結束訓練之後,聯合水師列成兩列縱隊返航。
在聯合水師戰船的序列中,五十餘條戰船按照航速將分為三軍,以避免笨重緩慢的船隻拖累航速較快的戰船。第一個縱隊是由二十多條老舊戰船組成,戰船雖然老但船隻和人數眾多,戰力也不容小覷。這支縱隊稱為水師中軍。第二個縱隊是四條漢軍炮船和十多條新造戰船組成,戰船最新,航速最快,稱為水師左軍。第三個縱隊由四十多條商船改造的戰船組成,船體龐大但不夠堅固,航速也最慢,稱為水師右軍。
左中右三軍分別由三名統制官統帶,三位皆是常年操縱戰船,熟悉海上戰術的水師軍官。原兩浙路水師總管李橫被任命為中軍統制官,漢將童雲傑為左軍統制官,原橫海廂軍水師統制楊欽為右軍通知官。
南海水師初建,除了三名統制副都督之外,官職空缺極多。

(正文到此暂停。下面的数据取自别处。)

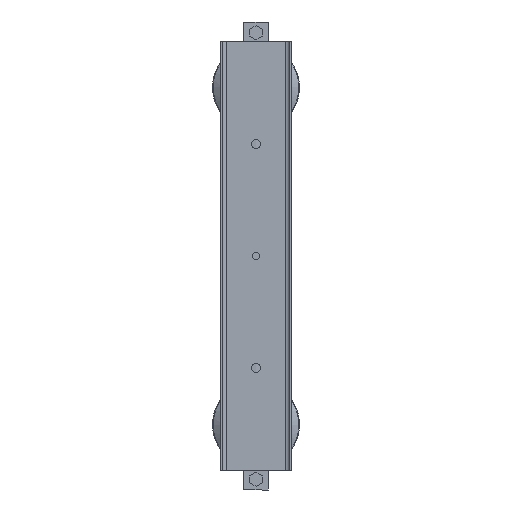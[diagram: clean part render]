
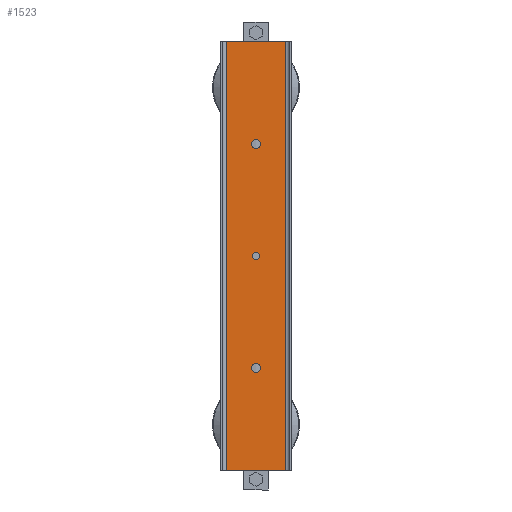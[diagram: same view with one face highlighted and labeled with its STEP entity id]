
A CAD part, front view. The second image highlights one B-rep face of the part: STEP entity #1523.
In plain terms, the highlighted planar face has unit normal (0, -1, 0).
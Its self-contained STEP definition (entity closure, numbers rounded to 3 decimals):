
#126 = EDGE_CURVE ( 'NONE', #2024, #739, #3096, .T. ) ;
#168 = DIRECTION ( 'NONE',  ( -1., 0., 0. ) ) ;
#205 = DIRECTION ( 'NONE',  ( 0., -1., 0. ) ) ;
#248 = CARTESIAN_POINT ( 'NONE',  ( 0., -3., 157.5 ) ) ;
#251 = CARTESIAN_POINT ( 'NONE',  ( -42., -3., 302.5 ) ) ;
#267 = CARTESIAN_POINT ( 'NONE',  ( -42., -3., -302.5 ) ) ;
#364 = CARTESIAN_POINT ( 'NONE',  ( 0., -3., 0. ) ) ;
#394 = CARTESIAN_POINT ( 'NONE',  ( 42., -3., -302.5 ) ) ;
#431 = DIRECTION ( 'NONE',  ( 0., 0., 1. ) ) ;
#442 = CARTESIAN_POINT ( 'NONE',  ( 42., -3., 302.5 ) ) ;
#739 = VERTEX_POINT ( 'NONE', #442 ) ;
#781 = VECTOR ( 'NONE', #431, 1000. ) ;
#814 = VERTEX_POINT ( 'NONE', #5640 ) ;
#846 = DIRECTION ( 'NONE',  ( 1., 0., 0. ) ) ;
#868 = DIRECTION ( 'NONE',  ( 0., -1., 0. ) ) ;
#880 = AXIS2_PLACEMENT_3D ( 'NONE', #364, #3627, #846 ) ;
#989 = CIRCLE ( 'NONE', #4430, 6.25 ) ;
#1094 = EDGE_CURVE ( 'NONE', #3500, #3500, #3374, .T. ) ;
#1406 = VERTEX_POINT ( 'NONE', #251 ) ;
#1421 = EDGE_LOOP ( 'NONE', ( #4708 ) ) ;
#1523 = ADVANCED_FACE ( 'NONE', ( #2398, #3766, #3490, #2259 ), #4177, .F. ) ;
#1543 = VERTEX_POINT ( 'NONE', #2823 ) ;
#1571 = EDGE_LOOP ( 'NONE', ( #4722 ) ) ;
#1595 = EDGE_CURVE ( 'NONE', #2510, #1406, #4426, .T. ) ;
#1620 = LINE ( 'NONE', #4443, #5150 ) ;
#1621 = EDGE_LOOP ( 'NONE', ( #4714 ) ) ;
#1624 = CARTESIAN_POINT ( 'NONE',  ( 42., -3., -302.5 ) ) ;
#1678 = AXIS2_PLACEMENT_3D ( 'NONE', #248, #205, #168 ) ;
#1703 = EDGE_LOOP ( 'NONE', ( #4727, #4750, #4800, #4805 ) ) ;
#1982 = EDGE_CURVE ( 'NONE', #2024, #2510, #4561, .T. ) ;
#2024 = VERTEX_POINT ( 'NONE', #1624 ) ;
#2096 = DIRECTION ( 'NONE',  ( -1., 0., 0. ) ) ;
#2259 = FACE_OUTER_BOUND ( 'NONE', #1703, .T. ) ;
#2398 = FACE_BOUND ( 'NONE', #1421, .T. ) ;
#2510 = VERTEX_POINT ( 'NONE', #5942 ) ;
#2823 = CARTESIAN_POINT ( 'NONE',  ( -6.25, -3., -157.5 ) ) ;
#2917 = CIRCLE ( 'NONE', #880, 5. ) ;
#2996 = CARTESIAN_POINT ( 'NONE',  ( -42., -3., -302.5 ) ) ;
#3096 = LINE ( 'NONE', #394, #781 ) ;
#3243 = EDGE_CURVE ( 'NONE', #1543, #1543, #989, .T. ) ;
#3325 = VECTOR ( 'NONE', #2096, 1000. ) ;
#3374 = CIRCLE ( 'NONE', #1678, 6.25 ) ;
#3490 = FACE_BOUND ( 'NONE', #1571, .T. ) ;
#3500 = VERTEX_POINT ( 'NONE', #4632 ) ;
#3627 = DIRECTION ( 'NONE',  ( 0., -1., 0. ) ) ;
#3643 = CARTESIAN_POINT ( 'NONE',  ( 0., -3., -157.5 ) ) ;
#3766 = FACE_BOUND ( 'NONE', #1621, .T. ) ;
#4097 = DIRECTION ( 'NONE',  ( -1., 0., 0. ) ) ;
#4177 = PLANE ( 'NONE',  #5574 ) ;
#4264 = VECTOR ( 'NONE', #5758, 1000. ) ;
#4426 = LINE ( 'NONE', #267, #4264 ) ;
#4430 = AXIS2_PLACEMENT_3D ( 'NONE', #3643, #868, #4097 ) ;
#4443 = CARTESIAN_POINT ( 'NONE',  ( -42., -3., 302.5 ) ) ;
#4561 = LINE ( 'NONE', #2996, #3325 ) ;
#4632 = CARTESIAN_POINT ( 'NONE',  ( -6.25, -3., 157.5 ) ) ;
#4648 = DIRECTION ( 'NONE',  ( 1., 0., 0. ) ) ;
#4708 = ORIENTED_EDGE ( 'NONE', *, *, #5106, .F. ) ;
#4714 = ORIENTED_EDGE ( 'NONE', *, *, #3243, .F. ) ;
#4722 = ORIENTED_EDGE ( 'NONE', *, *, #1094, .F. ) ;
#4727 = ORIENTED_EDGE ( 'NONE', *, *, #5744, .T. ) ;
#4750 = ORIENTED_EDGE ( 'NONE', *, *, #1595, .F. ) ;
#4800 = ORIENTED_EDGE ( 'NONE', *, *, #1982, .F. ) ;
#4805 = ORIENTED_EDGE ( 'NONE', *, *, #126, .T. ) ;
#4923 = DIRECTION ( 'NONE',  ( -1., 0., 0. ) ) ;
#5094 = DIRECTION ( 'NONE',  ( 0., 1., 0. ) ) ;
#5106 = EDGE_CURVE ( 'NONE', #814, #814, #2917, .T. ) ;
#5150 = VECTOR ( 'NONE', #4923, 1000. ) ;
#5561 = CARTESIAN_POINT ( 'NONE',  ( -42., -3., -302.5 ) ) ;
#5574 = AXIS2_PLACEMENT_3D ( 'NONE', #5561, #5094, #4648 ) ;
#5640 = CARTESIAN_POINT ( 'NONE',  ( 5., -3., 0. ) ) ;
#5744 = EDGE_CURVE ( 'NONE', #739, #1406, #1620, .T. ) ;
#5758 = DIRECTION ( 'NONE',  ( 0., 0., 1. ) ) ;
#5942 = CARTESIAN_POINT ( 'NONE',  ( -42., -3., -302.5 ) ) ;

劉志堅、丁禁等跟隨趙行德的將領進入南海水師,雖然並不是水師出身,但這些人深得趙行德的信任,又勇於任事,多獲得了一船指揮的官職。這些軍官也沒讓趙行德失望,歷次訓練中,他們統帶的戰船表現並不差,反而是一些老水師將領懈怠顢頇,趙行德一二再而三警告後,就將其降職甚至撤職。水師指揮就是一條海船的船長,在船上的威權極重,若失去這個官職,哪怕品級官銜不降低,地位也有天壤之別。因此,各船指揮無不在訓練中全力以赴。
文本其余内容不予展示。